>>
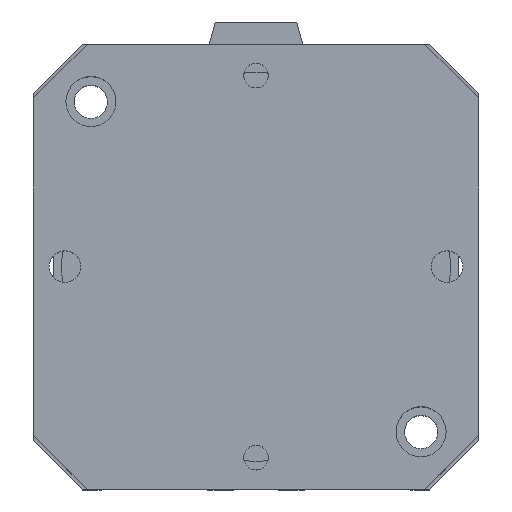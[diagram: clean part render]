
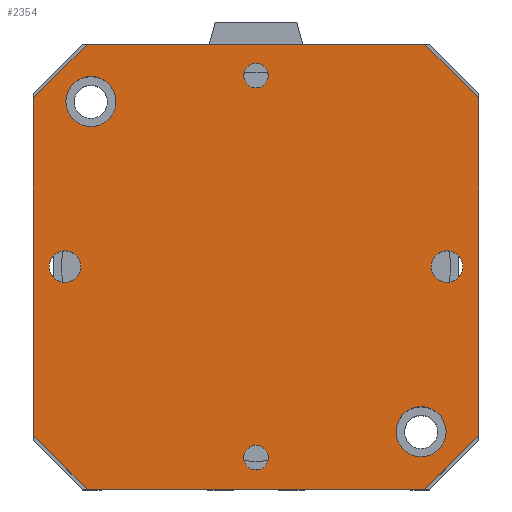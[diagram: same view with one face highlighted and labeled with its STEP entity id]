
A CAD part, top view. The second image highlights one B-rep face of the part: STEP entity #2354.
In plain terms, the highlighted planar face has unit normal (0, 0, 1).
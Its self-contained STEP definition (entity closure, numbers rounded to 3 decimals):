
#221=LINE('',#3869,#429);
#223=LINE('',#3873,#431);
#225=LINE('',#3877,#433);
#227=LINE('',#3881,#435);
#229=LINE('',#3885,#437);
#231=LINE('',#3889,#439);
#233=LINE('',#3893,#441);
#235=LINE('',#3896,#443);
#429=VECTOR('',#3196,91.);
#431=VECTOR('',#3200,20.506);
#433=VECTOR('',#3204,91.);
#435=VECTOR('',#3208,20.506);
#437=VECTOR('',#3212,91.);
#439=VECTOR('',#3216,20.506);
#441=VECTOR('',#3220,91.);
#443=VECTOR('',#3224,20.506);
#537=PLANE('',#2580);
#626=FACE_BOUND('',#956,.T.);
#627=FACE_BOUND('',#957,.T.);
#628=FACE_BOUND('',#958,.T.);
#629=FACE_BOUND('',#959,.T.);
#630=FACE_BOUND('',#960,.T.);
#631=FACE_BOUND('',#961,.T.);
#632=FACE_BOUND('',#962,.T.);
#956=EDGE_LOOP('',(#2134));
#957=EDGE_LOOP('',(#2135));
#958=EDGE_LOOP('',(#2136));
#959=EDGE_LOOP('',(#2137));
#960=EDGE_LOOP('',(#2138));
#961=EDGE_LOOP('',(#2139));
#962=EDGE_LOOP('',(#2140,#2141,#2142,#2143,#2144,#2145,#2146,#2147));
#1035=CIRCLE('',#2536,3.324);
#1037=CIRCLE('',#2539,3.324);
#1042=CIRCLE('',#2547,4.25);
#1046=CIRCLE('',#2554,4.25);
#1055=CIRCLE('',#2569,6.75);
#1056=CIRCLE('',#2571,6.75);
#1235=VERTEX_POINT('',#3787);
#1237=VERTEX_POINT('',#3792);
#1242=VERTEX_POINT('',#3805);
#1246=VERTEX_POINT('',#3816);
#1265=VERTEX_POINT('',#3860);
#1266=VERTEX_POINT('',#3863);
#1267=VERTEX_POINT('',#3866);
#1268=VERTEX_POINT('',#3868);
#1269=VERTEX_POINT('',#3872);
#1270=VERTEX_POINT('',#3876);
#1271=VERTEX_POINT('',#3880);
#1272=VERTEX_POINT('',#3884);
#1273=VERTEX_POINT('',#3888);
#1274=VERTEX_POINT('',#3892);
#1521=EDGE_CURVE('',#1235,#1235,#1035,.T.);
#1523=EDGE_CURVE('',#1237,#1237,#1037,.T.);
#1528=EDGE_CURVE('',#1242,#1242,#1042,.T.);
#1532=EDGE_CURVE('',#1246,#1246,#1046,.T.);
#1551=EDGE_CURVE('',#1265,#1265,#1055,.T.);
#1552=EDGE_CURVE('',#1266,#1266,#1056,.T.);
#1554=EDGE_CURVE('',#1268,#1267,#221,.T.);
#1556=EDGE_CURVE('',#1269,#1268,#223,.T.);
#1558=EDGE_CURVE('',#1270,#1269,#225,.T.);
#1560=EDGE_CURVE('',#1271,#1270,#227,.T.);
#1562=EDGE_CURVE('',#1272,#1271,#229,.T.);
#1564=EDGE_CURVE('',#1273,#1272,#231,.T.);
#1566=EDGE_CURVE('',#1274,#1273,#233,.T.);
#1568=EDGE_CURVE('',#1267,#1274,#235,.T.);
#2134=ORIENTED_EDGE('',*,*,#1521,.T.);
#2135=ORIENTED_EDGE('',*,*,#1523,.T.);
#2136=ORIENTED_EDGE('',*,*,#1528,.T.);
#2137=ORIENTED_EDGE('',*,*,#1532,.T.);
#2138=ORIENTED_EDGE('',*,*,#1551,.T.);
#2139=ORIENTED_EDGE('',*,*,#1552,.T.);
#2140=ORIENTED_EDGE('',*,*,#1568,.T.);
#2141=ORIENTED_EDGE('',*,*,#1566,.T.);
#2142=ORIENTED_EDGE('',*,*,#1564,.T.);
#2143=ORIENTED_EDGE('',*,*,#1562,.T.);
#2144=ORIENTED_EDGE('',*,*,#1560,.T.);
#2145=ORIENTED_EDGE('',*,*,#1558,.T.);
#2146=ORIENTED_EDGE('',*,*,#1556,.T.);
#2147=ORIENTED_EDGE('',*,*,#1554,.T.);
#2354=ADVANCED_FACE('',(#626,#627,#628,#629,#630,#631,#632),#537,.T.);
#2536=AXIS2_PLACEMENT_3D('',#3788,#3111,#3112);
#2539=AXIS2_PLACEMENT_3D('',#3793,#3117,#3118);
#2547=AXIS2_PLACEMENT_3D('',#3806,#3133,#3134);
#2554=AXIS2_PLACEMENT_3D('',#3817,#3147,#3148);
#2569=AXIS2_PLACEMENT_3D('',#3861,#3187,#3188);
#2571=AXIS2_PLACEMENT_3D('',#3864,#3191,#3192);
#2580=AXIS2_PLACEMENT_3D('',#3897,#3225,#3226);
#3111=DIRECTION('center_axis',(0.,0.,-1.));
#3112=DIRECTION('ref_axis',(1.,0.,0.));
#3117=DIRECTION('center_axis',(0.,0.,-1.));
#3118=DIRECTION('ref_axis',(1.,0.,0.));
#3133=DIRECTION('center_axis',(0.,0.,-1.));
#3134=DIRECTION('ref_axis',(1.,0.,0.));
#3147=DIRECTION('center_axis',(0.,0.,-1.));
#3148=DIRECTION('ref_axis',(1.,0.,0.));
#3187=DIRECTION('center_axis',(0.,0.,-1.));
#3188=DIRECTION('ref_axis',(-1.,0.,0.));
#3191=DIRECTION('center_axis',(0.,0.,-1.));
#3192=DIRECTION('ref_axis',(-1.,0.,0.));
#3196=DIRECTION('',(0.,1.,0.));
#3200=DIRECTION('',(0.707,0.707,0.));
#3204=DIRECTION('',(1.,0.,0.));
#3208=DIRECTION('',(0.707,-0.707,0.));
#3212=DIRECTION('',(0.,-1.,0.));
#3216=DIRECTION('',(-0.707,-0.707,0.));
#3220=DIRECTION('',(-1.,0.,0.));
#3224=DIRECTION('',(-0.707,0.707,0.));
#3225=DIRECTION('center_axis',(0.,0.,1.));
#3226=DIRECTION('ref_axis',(1.,0.,0.));
#3787=CARTESIAN_POINT('',(-54.824,0.,90.75));
#3788=CARTESIAN_POINT('Origin',(-51.5,0.,90.75));
#3792=CARTESIAN_POINT('',(48.177,0.,90.75));
#3793=CARTESIAN_POINT('Origin',(51.5,0.,90.75));
#3805=CARTESIAN_POINT('',(-4.25,51.5,90.75));
#3806=CARTESIAN_POINT('Origin',(0.,51.5,90.75));
#3816=CARTESIAN_POINT('',(-4.25,-51.5,90.75));
#3817=CARTESIAN_POINT('Origin',(0.,-51.5,90.75));
#3860=CARTESIAN_POINT('',(-37.75,-44.5,90.75));
#3861=CARTESIAN_POINT('Origin',(-44.5,-44.5,90.75));
#3863=CARTESIAN_POINT('',(51.25,44.5,90.75));
#3864=CARTESIAN_POINT('Origin',(44.5,44.5,90.75));
#3866=CARTESIAN_POINT('',(60.,45.5,90.75));
#3868=CARTESIAN_POINT('',(60.,-45.5,90.75));
#3869=CARTESIAN_POINT('',(60.,45.5,90.75));
#3872=CARTESIAN_POINT('',(45.5,-60.,90.75));
#3873=CARTESIAN_POINT('',(60.,-45.5,90.75));
#3876=CARTESIAN_POINT('',(-45.5,-60.,90.75));
#3877=CARTESIAN_POINT('',(45.5,-60.,90.75));
#3880=CARTESIAN_POINT('',(-60.,-45.5,90.75));
#3881=CARTESIAN_POINT('',(-45.5,-60.,90.75));
#3884=CARTESIAN_POINT('',(-60.,45.5,90.75));
#3885=CARTESIAN_POINT('',(-60.,-45.5,90.75));
#3888=CARTESIAN_POINT('',(-45.5,60.,90.75));
#3889=CARTESIAN_POINT('',(-60.,45.5,90.75));
#3892=CARTESIAN_POINT('',(45.5,60.,90.75));
#3893=CARTESIAN_POINT('',(-45.5,60.,90.75));
#3896=CARTESIAN_POINT('',(45.5,60.,90.75));
#3897=CARTESIAN_POINT('Origin',(0.,0.,90.75));
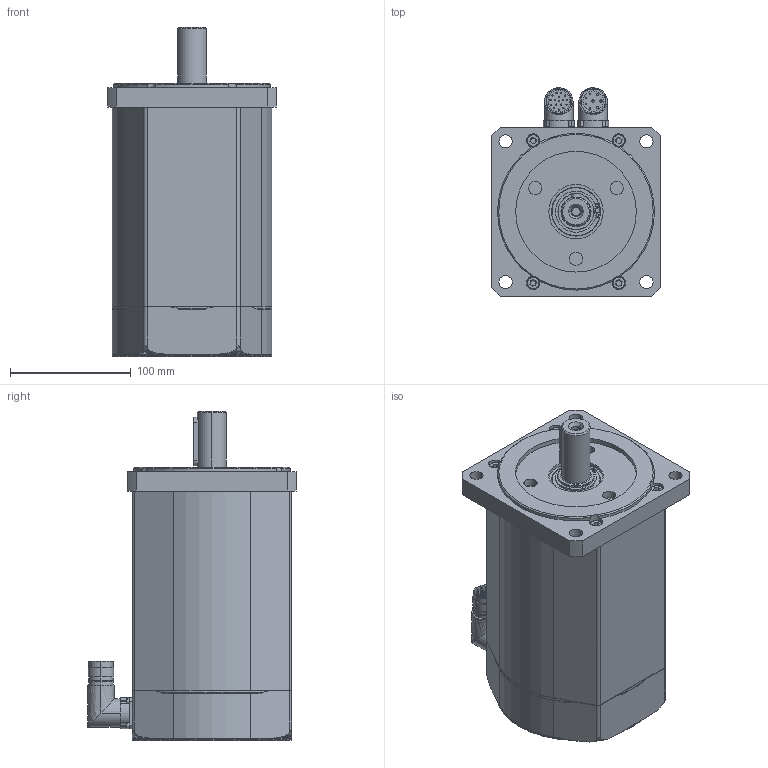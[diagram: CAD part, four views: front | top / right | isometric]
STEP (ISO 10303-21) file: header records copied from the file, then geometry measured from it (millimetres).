
FILE_DESCRIPTION (( 'STEP AP203' ), '1' );
FILE_NAME ('SSAX140S_SF.STEP', '2015-09-10T13:04:47', ( 'Tecnico motori' ), ( '' ), 'SwSTEP 2.0', 'SolidWorks 2010', '' );
FILE_SCHEMA (( 'CONFIG_CONTROL_DESIGN' ));
Length unit declared in the file: millimetre
Products named in the file (1): SSAX140S_SF
Bounding box: 140 x 173 x 272.85 mm (x, y, z)
Surface area: 174792.1 mm2 (no closed solid volume)
Topology: 0 solids, 32 shells, 457 faces, 1269 edges, 876 vertices
Faces by surface type: cylinder 211, plane 187, cone 29, torus 24, bspline 6
Entity records: 15808 total; most frequent: CARTESIAN_POINT 3689, DIRECTION 2713, ORIENTED_EDGE 2207, EDGE_CURVE 1269, AXIS2_PLACEMENT_3D 1066, VERTEX_POINT 876, CIRCLE 614, LINE 581
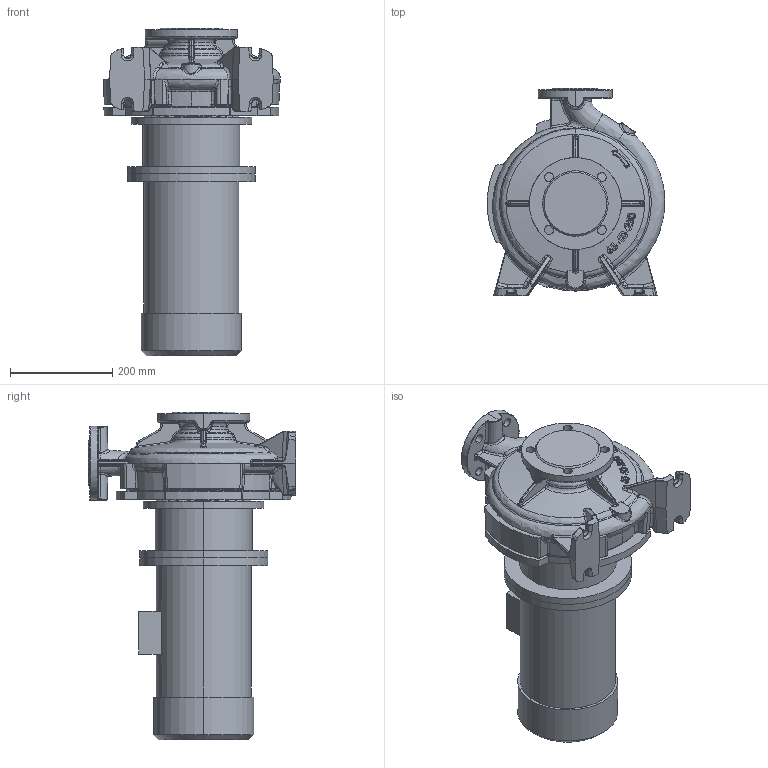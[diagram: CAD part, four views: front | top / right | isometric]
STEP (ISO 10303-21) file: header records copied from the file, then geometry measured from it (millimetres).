
FILE_DESCRIPTION (( 'STEP AP214' ), '1' );
FILE_NAME ('KRM 65-40-250-4-3.STEP', '2026-04-24T12:22:46', ( '' ), ( '' ), 'SwSTEP 2.0', 'SolidWorks 2016', '' );
FILE_SCHEMA (( 'AUTOMOTIVE_DESIGN' ));
Length unit declared in the file: millimetre
Products named in the file (1): KRM 65-40-250-4-3
Bounding box: 346.53 x 405.5 x 641.3 mm (x, y, z)
Volume: 24973082.1 mm3; surface area: 1212914.2 mm2
Topology: 4 solids, 4 shells, 1149 faces, 2787 edges, 1648 vertices
Faces by surface type: bspline 533, cylinder 210, plane 198, torus 96, cone 82, sphere 30
Entity records: 83882 total; most frequent: CARTESIAN_POINT 48755, ORIENTED_EDGE 5520, DIRECTION 3595, EDGE_CURVE 2760, VERTEX_POINT 1648, AXIS2_PLACEMENT_3D 1527, EDGE_LOOP 1194, UNCERTAINTY_MEASURE_WITH_UNIT 1155
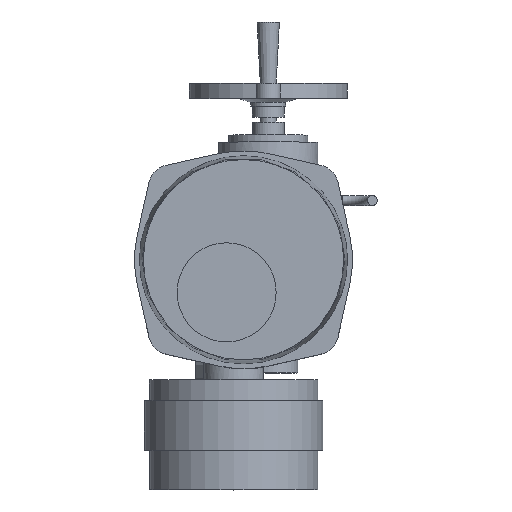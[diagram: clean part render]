
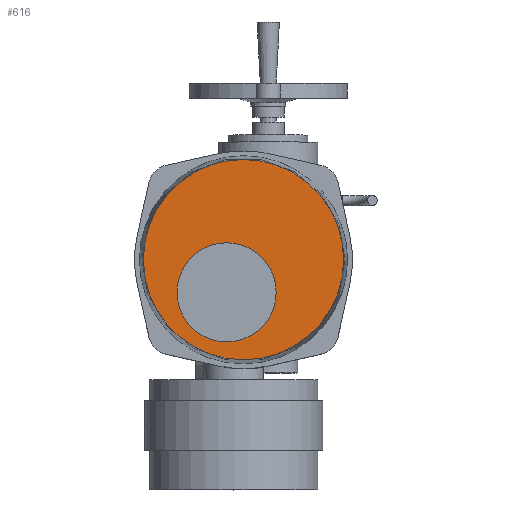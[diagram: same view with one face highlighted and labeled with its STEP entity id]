
A CAD part, top view. The second image highlights one B-rep face of the part: STEP entity #616.
In plain terms, the highlighted planar face has unit normal (0, 0, 1).
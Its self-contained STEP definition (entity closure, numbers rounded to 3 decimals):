
#616=ADVANCED_FACE('',(#8172,#8174),#8176,.T.);
#8172=FACE_BOUND('',#8173,.T.);
#8173=EDGE_LOOP('',(#14059));
#8174=FACE_BOUND('',#8175,.T.);
#8175=EDGE_LOOP('',(#14060));
#8176=PLANE('',#8177);
#8177=AXIS2_PLACEMENT_3D('',#8178,#8179,#8180);
#8178=CARTESIAN_POINT('',(20.,40.,473.));
#8179=DIRECTION('',(0.,0.,1.));
#8180=DIRECTION('',(-1.,0.,0.));
#14059=ORIENTED_EDGE('',*,*,#18684,.T.);
#14060=ORIENTED_EDGE('',*,*,#18687,.F.);
#18684=EDGE_CURVE('',#21190,#21190,#21191,.T.);
#18687=EDGE_CURVE('',#21196,#21196,#21197,.T.);
#21190=VERTEX_POINT('',#26178);
#21191=CIRCLE('',#26179,101.069);
#21196=VERTEX_POINT('',#26193);
#21197=CIRCLE('',#26194,50.);
#26178=CARTESIAN_POINT('',(-81.069,40.,473.));
#26179=AXIS2_PLACEMENT_3D('',#26180,#26181,#26182);
#26180=CARTESIAN_POINT('',(20.,40.,473.));
#26181=DIRECTION('',(0.,0.,1.));
#26182=DIRECTION('',(-1.,0.,0.));
#26193=CARTESIAN_POINT('',(-47.,7.,473.));
#26194=AXIS2_PLACEMENT_3D('',#26195,#26196,#26197);
#26195=CARTESIAN_POINT('',(3.,7.,473.));
#26196=DIRECTION('',(0.,0.,1.));
#26197=DIRECTION('',(-1.,0.,0.));
<<
▶ **The problem**:
What is needed is an exact retyping of the lines from the start of the data through the line with "#1269=VERTEX_POINT('',#3872);", with both end lines kept and every picture left out.

▶ **Solution to the problem**:
[diagram: clean part render]
[diagram: same view with one face highlighted and labeled with its STEP entity id]
A CAD part, top view. The second image highlights one B-rep face of the part: STEP entity #2354.
In plain terms, the highlighted planar face has unit normal (0, 0, 1).
Its self-contained STEP definition (entity closure, numbers rounded to 3 decimals):
#221=LINE('',#3869,#429);
#223=LINE('',#3873,#431);
#225=LINE('',#3877,#433);
#227=LINE('',#3881,#435);
#229=LINE('',#3885,#437);
#231=LINE('',#3889,#439);
#233=LINE('',#3893,#441);
#235=LINE('',#3896,#443);
#429=VECTOR('',#3196,91.);
#431=VECTOR('',#3200,20.506);
#433=VECTOR('',#3204,91.);
#435=VECTOR('',#3208,20.506);
#437=VECTOR('',#3212,91.);
#439=VECTOR('',#3216,20.506);
#441=VECTOR('',#3220,91.);
#443=VECTOR('',#3224,20.506);
#537=PLANE('',#2580);
#626=FACE_BOUND('',#956,.T.);
#627=FACE_BOUND('',#957,.T.);
#628=FACE_BOUND('',#958,.T.);
#629=FACE_BOUND('',#959,.T.);
#630=FACE_BOUND('',#960,.T.);
#631=FACE_BOUND('',#961,.T.);
#632=FACE_BOUND('',#962,.T.);
#956=EDGE_LOOP('',(#2134));
#957=EDGE_LOOP('',(#2135));
#958=EDGE_LOOP('',(#2136));
#959=EDGE_LOOP('',(#2137));
#960=EDGE_LOOP('',(#2138));
#961=EDGE_LOOP('',(#2139));
#962=EDGE_LOOP('',(#2140,#2141,#2142,#2143,#2144,#2145,#2146,#2147));
#1035=CIRCLE('',#2536,3.324);
#1037=CIRCLE('',#2539,3.324);
#1042=CIRCLE('',#2547,4.25);
#1046=CIRCLE('',#2554,4.25);
#1055=CIRCLE('',#2569,6.75);
#1056=CIRCLE('',#2571,6.75);
#1235=VERTEX_POINT('',#3787);
#1237=VERTEX_POINT('',#3792);
#1242=VERTEX_POINT('',#3805);
#1246=VERTEX_POINT('',#3816);
#1265=VERTEX_POINT('',#3860);
#1266=VERTEX_POINT('',#3863);
#1267=VERTEX_POINT('',#3866);
#1268=VERTEX_POINT('',#3868);
#1269=VERTEX_POINT('',#3872);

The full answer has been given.